⟨

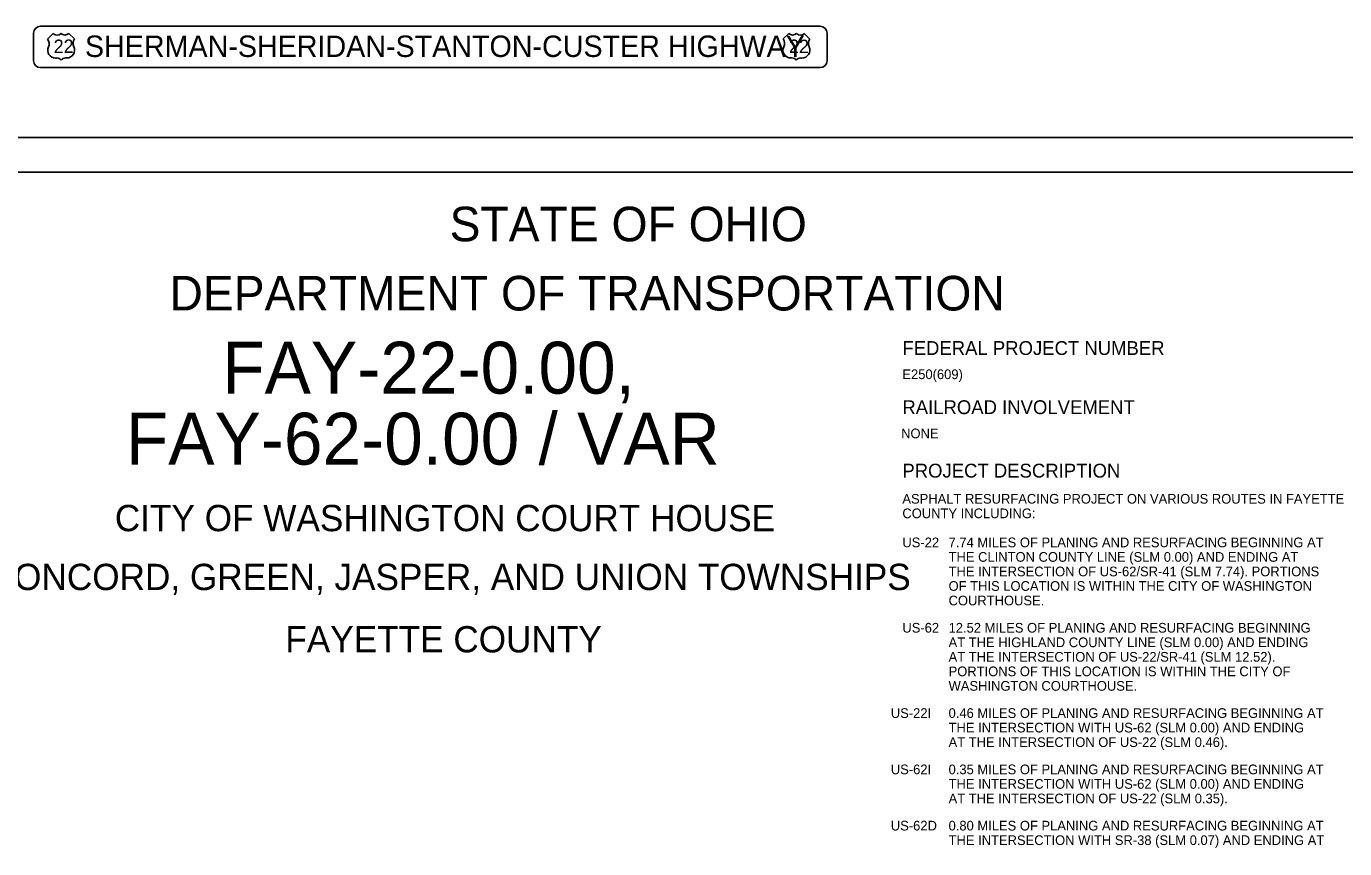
# Model space of a CAD drawing. Extents: x -12 to 164, y -741 to 24.
# Drawn here: x 12.93 to 31.99, y 11.72 to 23.61 of the extents above; entities that cross this region are included whole.
import ezdxf

# ---------------------------------------------------------------- set-up
doc = ezdxf.new("R2010")
doc.units = 0
for name, color, linetype in [('Default', 7, 'Continuous'), ('PM_P_Stop_Line', 7, 'Continuous'), ('PM_X_CL_Pass_Proh_Rt', 7, 'Continuous'), ('SC_Scratch1', 7, 'Continuous'), ('SH_Border', 7, 'Continuous'), ('SH_Cut_Line', 7, 'Continuous')]:
    doc.layers.add(name, color=color, linetype=linetype)

msp = doc.modelspace()

# ---------------------------------------------------------------- linework, layer by layer
at = {"layer": 'PM_P_Stop_Line'}
for p, q in [((13.322, 23.503), (13.242, 23.422)), ((13.628, 23.425), (13.547, 23.505)), ((23.872, 23.425), (23.953, 23.505)), ((24.178, 23.503), (24.258, 23.422)), ((13.357, 23.149), (13.373, 23.149)), ((13.502, 23.15), (13.518, 23.151)), ((23.998, 23.15), (23.982, 23.151)), ((24.143, 23.149), (24.127, 23.149))]:
    msp.add_line(p, q, dxfattribs=at)
for centre, radius, start, end in [((13.378, 23.561), 0.0805, 226.1115, 314.9656), ((13.49, 23.562), 0.0805, 226.1115, 314.9656), ((24.01, 23.562), 0.0805, 225.0344, 313.8885), ((24.123, 23.561), 0.0805, 225.0344, 313.8885), ((13.15, 23.356), 0.113, 335.0857, 35.5395), ((13.355, 23.262), 0.113, 155.3705, 271.1768), ((13.518, 23.263), 0.113, 269.9003, 25.7066), ((13.721, 23.361), 0.113, 145.5376, 205.9914), ((23.982, 23.263), 0.113, 154.2934, 270.0997), ((23.779, 23.361), 0.113, 334.0086, 34.4624), ((24.145, 23.262), 0.113, 268.8232, 24.6295), ((24.35, 23.356), 0.113, 144.4605, 204.9143), ((13.374, 23.069), 0.0805, 37.4084, 90.5385), ((13.503, 23.07), 0.0805, 90.5385, 143.6686), ((23.997, 23.07), 0.0805, 36.3314, 89.4615), ((24.126, 23.069), 0.0805, 89.4615, 142.5916)]:
    msp.add_arc(centre, radius, start, end, dxfattribs=at)
at = {"layer": 'SC_Scratch1'}
for p, q in [((13.037, 23.11), (13.037, 23.507)), ((13.137, 23.607), (24.407, 23.607)), ((24.507, 23.507), (24.507, 23.11)), ((24.407, 23.01), (13.137, 23.01))]:
    msp.add_line(p, q, dxfattribs=at)
for centre, start, end in [((13.137, 23.507), 90, 180), ((24.407, 23.507), 0, 90), ((13.137, 23.11), 180, 270), ((24.407, 23.11), 270, 0)]:
    msp.add_arc(centre, 0.1, start, end, dxfattribs=at)
at = {"layer": 'SH_Border'}
msp.add_lwpolyline([(1.5, 21.5), (33.5, 21.5), (33.5, 0.5), (1.5, 0.5)], close=True, dxfattribs=at)
at = {"layer": 'SH_Cut_Line'}
msp.add_lwpolyline([(0, 0), (34, 0), (34, 22), (0, 22)], close=True, dxfattribs=at)

# ---------------------------------------------------------------- texts
at = {"layer": 'Default'}
for s, p in [('ASPHALT RESURFACING PROJECT ON VARIOUS ROUTES IN FAYETTE ', (25.595, 16.708)), ('COUNTY INCLUDING:', (25.595, 16.498)), ('US-22', (25.595, 16.078)), ('US-62', (25.595, 14.844)), ('US-22', (25.428, 13.611)), ('I', (25.96, 13.611)), ('US-62', (25.428, 12.797)), ('I', (25.96, 12.797)), ('US-62', (25.428, 11.984)), ('D', (25.96, 11.984))]:
    msp.add_text(s, height=0.14, dxfattribs=at).set_placement(p)
at = {"layer": 'PM_P_Stop_Line'}
for rotation, p in [(0.5385, (13.33, 23.221)), (359.4615, (23.956, 23.223))]:
    msp.add_text('22', height=0.1932, rotation=rotation, dxfattribs=at).set_placement(p)
at = {"layer": 'PM_X_CL_Pass_Proh_Rt'}
for s, p in [('7.74 MILES OF PLANING AND RESURFACING BEGINNING AT ', (26.263, 16.078)), ('THE CLINTON COUNTY LINE (SLM 0.00) AND ENDING AT ', (26.263, 15.868)), ('THE INTERSECTION OF US-62/SR-41 (SLM 7.74). PORTIONS ', (26.263, 15.658)), ('OF THIS LOCATION IS WITHIN THE CITY OF WASHINGTON ', (26.263, 15.448)), ('COURTHOUSE.', (26.263, 15.238)), ('12.52 MILES OF PLANING AND RESURFACING BEGINNING ', (26.263, 14.844)), ('AT THE HIGHLAND COUNTY LINE (SLM 0.00) AND ENDING ', (26.263, 14.634)), ('AT THE INTERSECTION OF US-22/SR-41 (SLM 12.52). ', (26.263, 14.424)), ('PORTIONS OF THIS LOCATION IS WITHIN THE CITY OF ', (26.263, 14.214)), ('WASHINGTON COURTHOUSE.', (26.263, 14.004)), ('0.46 MILES OF PLANING AND RESURFACING BEGINNING AT ', (26.263, 13.611)), ('THE INTERSECTION WITH US-62 (SLM 0.00) AND ENDING ', (26.263, 13.401)), ('AT THE INTERSECTION OF US-22 (SLM 0.46). ', (26.263, 13.191)), ('0.35 MILES OF PLANING AND RESURFACING BEGINNING AT ', (26.263, 12.797)), ('THE INTERSECTION WITH US-62 (SLM 0.00) AND ENDING ', (26.263, 12.587)), ('AT THE INTERSECTION OF US-22 (SLM 0.35). ', (26.263, 12.377)), ('0.80 MILES OF PLANING AND RESURFACING BEGINNING AT ', (26.263, 11.984)), ('THE INTERSECTION WITH SR-38 (SLM 0.07) AND ENDING AT ', (26.263, 11.774))]:
    msp.add_text(s, height=0.14, dxfattribs=at).set_placement(p)
at = {"layer": 'SC_Scratch1'}
for s, height, p in [('SHERMAN-SHERIDAN-STANTON-CUSTER HIGHWAY', 0.30984, (13.781, 23.164)), ('STATE OF OHIO', 0.5, (19.051, 20.5)), ('DEPARTMENT OF TRANSPORTATION', 0.5, (15.002, 19.5)), ('FAY-22-0.00,', 0.75, (15.765, 18.298)), ('FEDERAL PROJECT NUMBER', 0.2, (25.595, 18.857)), ('E250(609)', 0.14, (25.595, 18.508)), ('RAILROAD INVOLVEMENT', 0.2, (25.595, 18.002)), ('FAY-62-0.00 / VAR', 0.75, (14.372, 17.272)), ('NONE', 0.14, (25.577, 17.653)), ('PROJECT DESCRIPTION', 0.2, (25.595, 17.085)), ('CITY OF WASHINGTON COURT HOUSE', 0.38, (14.213, 16.31)), ('CONCORD, GREEN, JASPER, AND UNION TOWNSHIPS', 0.38, (12.39, 15.459)), ('FAYETTE COUNTY', 0.38, (16.677, 14.558))]:
    msp.add_text(s, height=height, dxfattribs=at).set_placement(p)

doc.saveas('drawing.dxf')

⟩

The pictures in the listing above are to be dropped, and everything else reproduced exactly.

# Model space of a CAD drawing. Extents: x -12 to 164, y -741 to 24.
# Drawn here: x 12.93 to 31.99, y 11.72 to 23.61 of the extents above; entities that cross this region are included whole.
import ezdxf

# ---------------------------------------------------------------- set-up
doc = ezdxf.new("R2010")
doc.units = 0
for name, color, linetype in [('Default', 7, 'Continuous'), ('PM_P_Stop_Line', 7, 'Continuous'), ('PM_X_CL_Pass_Proh_Rt', 7, 'Continuous'), ('SC_Scratch1', 7, 'Continuous'), ('SH_Border', 7, 'Continuous'), ('SH_Cut_Line', 7, 'Continuous')]:
    doc.layers.add(name, color=color, linetype=linetype)

msp = doc.modelspace()

# ---------------------------------------------------------------- linework, layer by layer
at = {"layer": 'PM_P_Stop_Line'}
for p, q in [((13.322, 23.503), (13.242, 23.422)), ((13.628, 23.425), (13.547, 23.505)), ((23.872, 23.425), (23.953, 23.505)), ((24.178, 23.503), (24.258, 23.422)), ((13.357, 23.149), (13.373, 23.149)), ((13.502, 23.15), (13.518, 23.151)), ((23.998, 23.15), (23.982, 23.151)), ((24.143, 23.149), (24.127, 23.149))]:
    msp.add_line(p, q, dxfattribs=at)
for centre, radius, start, end in [((13.378, 23.561), 0.0805, 226.1115, 314.9656), ((13.49, 23.562), 0.0805, 226.1115, 314.9656), ((24.01, 23.562), 0.0805, 225.0344, 313.8885), ((24.123, 23.561), 0.0805, 225.0344, 313.8885), ((13.15, 23.356), 0.113, 335.0857, 35.5395), ((13.355, 23.262), 0.113, 155.3705, 271.1768), ((13.518, 23.263), 0.113, 269.9003, 25.7066), ((13.721, 23.361), 0.113, 145.5376, 205.9914), ((23.982, 23.263), 0.113, 154.2934, 270.0997), ((23.779, 23.361), 0.113, 334.0086, 34.4624), ((24.145, 23.262), 0.113, 268.8232, 24.6295), ((24.35, 23.356), 0.113, 144.4605, 204.9143), ((13.374, 23.069), 0.0805, 37.4084, 90.5385), ((13.503, 23.07), 0.0805, 90.5385, 143.6686), ((23.997, 23.07), 0.0805, 36.3314, 89.4615), ((24.126, 23.069), 0.0805, 89.4615, 142.5916)]:
    msp.add_arc(centre, radius, start, end, dxfattribs=at)
at = {"layer": 'SC_Scratch1'}
for p, q in [((13.037, 23.11), (13.037, 23.507)), ((13.137, 23.607), (24.407, 23.607)), ((24.507, 23.507), (24.507, 23.11)), ((24.407, 23.01), (13.137, 23.01))]:
    msp.add_line(p, q, dxfattribs=at)
for centre, start, end in [((13.137, 23.507), 90, 180), ((24.407, 23.507), 0, 90), ((13.137, 23.11), 180, 270), ((24.407, 23.11), 270, 0)]:
    msp.add_arc(centre, 0.1, start, end, dxfattribs=at)
at = {"layer": 'SH_Border'}
msp.add_lwpolyline([(1.5, 21.5), (33.5, 21.5), (33.5, 0.5), (1.5, 0.5)], close=True, dxfattribs=at)
at = {"layer": 'SH_Cut_Line'}
msp.add_lwpolyline([(0, 0), (34, 0), (34, 22), (0, 22)], close=True, dxfattribs=at)

# ---------------------------------------------------------------- texts
at = {"layer": 'Default'}
for s, p in [('ASPHALT RESURFACING PROJECT ON VARIOUS ROUTES IN FAYETTE ', (25.595, 16.708)), ('COUNTY INCLUDING:', (25.595, 16.498)), ('US-22', (25.595, 16.078)), ('US-62', (25.595, 14.844)), ('US-22', (25.428, 13.611)), ('I', (25.96, 13.611)), ('US-62', (25.428, 12.797)), ('I', (25.96, 12.797)), ('US-62', (25.428, 11.984)), ('D', (25.96, 11.984))]:
    msp.add_text(s, height=0.14, dxfattribs=at).set_placement(p)
at = {"layer": 'PM_P_Stop_Line'}
for rotation, p in [(0.5385, (13.33, 23.221)), (359.4615, (23.956, 23.223))]:
    msp.add_text('22', height=0.1932, rotation=rotation, dxfattribs=at).set_placement(p)
at = {"layer": 'PM_X_CL_Pass_Proh_Rt'}
for s, p in [('7.74 MILES OF PLANING AND RESURFACING BEGINNING AT ', (26.263, 16.078)), ('THE CLINTON COUNTY LINE (SLM 0.00) AND ENDING AT ', (26.263, 15.868)), ('THE INTERSECTION OF US-62/SR-41 (SLM 7.74). PORTIONS ', (26.263, 15.658)), ('OF THIS LOCATION IS WITHIN THE CITY OF WASHINGTON ', (26.263, 15.448)), ('COURTHOUSE.', (26.263, 15.238)), ('12.52 MILES OF PLANING AND RESURFACING BEGINNING ', (26.263, 14.844)), ('AT THE HIGHLAND COUNTY LINE (SLM 0.00) AND ENDING ', (26.263, 14.634)), ('AT THE INTERSECTION OF US-22/SR-41 (SLM 12.52). ', (26.263, 14.424)), ('PORTIONS OF THIS LOCATION IS WITHIN THE CITY OF ', (26.263, 14.214)), ('WASHINGTON COURTHOUSE.', (26.263, 14.004)), ('0.46 MILES OF PLANING AND RESURFACING BEGINNING AT ', (26.263, 13.611)), ('THE INTERSECTION WITH US-62 (SLM 0.00) AND ENDING ', (26.263, 13.401)), ('AT THE INTERSECTION OF US-22 (SLM 0.46). ', (26.263, 13.191)), ('0.35 MILES OF PLANING AND RESURFACING BEGINNING AT ', (26.263, 12.797)), ('THE INTERSECTION WITH US-62 (SLM 0.00) AND ENDING ', (26.263, 12.587)), ('AT THE INTERSECTION OF US-22 (SLM 0.35). ', (26.263, 12.377)), ('0.80 MILES OF PLANING AND RESURFACING BEGINNING AT ', (26.263, 11.984)), ('THE INTERSECTION WITH SR-38 (SLM 0.07) AND ENDING AT ', (26.263, 11.774))]:
    msp.add_text(s, height=0.14, dxfattribs=at).set_placement(p)
at = {"layer": 'SC_Scratch1'}
for s, height, p in [('SHERMAN-SHERIDAN-STANTON-CUSTER HIGHWAY', 0.30984, (13.781, 23.164)), ('STATE OF OHIO', 0.5, (19.051, 20.5)), ('DEPARTMENT OF TRANSPORTATION', 0.5, (15.002, 19.5)), ('FAY-22-0.00,', 0.75, (15.765, 18.298)), ('FEDERAL PROJECT NUMBER', 0.2, (25.595, 18.857)), ('E250(609)', 0.14, (25.595, 18.508)), ('RAILROAD INVOLVEMENT', 0.2, (25.595, 18.002)), ('FAY-62-0.00 / VAR', 0.75, (14.372, 17.272)), ('NONE', 0.14, (25.577, 17.653)), ('PROJECT DESCRIPTION', 0.2, (25.595, 17.085)), ('CITY OF WASHINGTON COURT HOUSE', 0.38, (14.213, 16.31)), ('CONCORD, GREEN, JASPER, AND UNION TOWNSHIPS', 0.38, (12.39, 15.459)), ('FAYETTE COUNTY', 0.38, (16.677, 14.558))]:
    msp.add_text(s, height=height, dxfattribs=at).set_placement(p)

doc.saveas('drawing.dxf')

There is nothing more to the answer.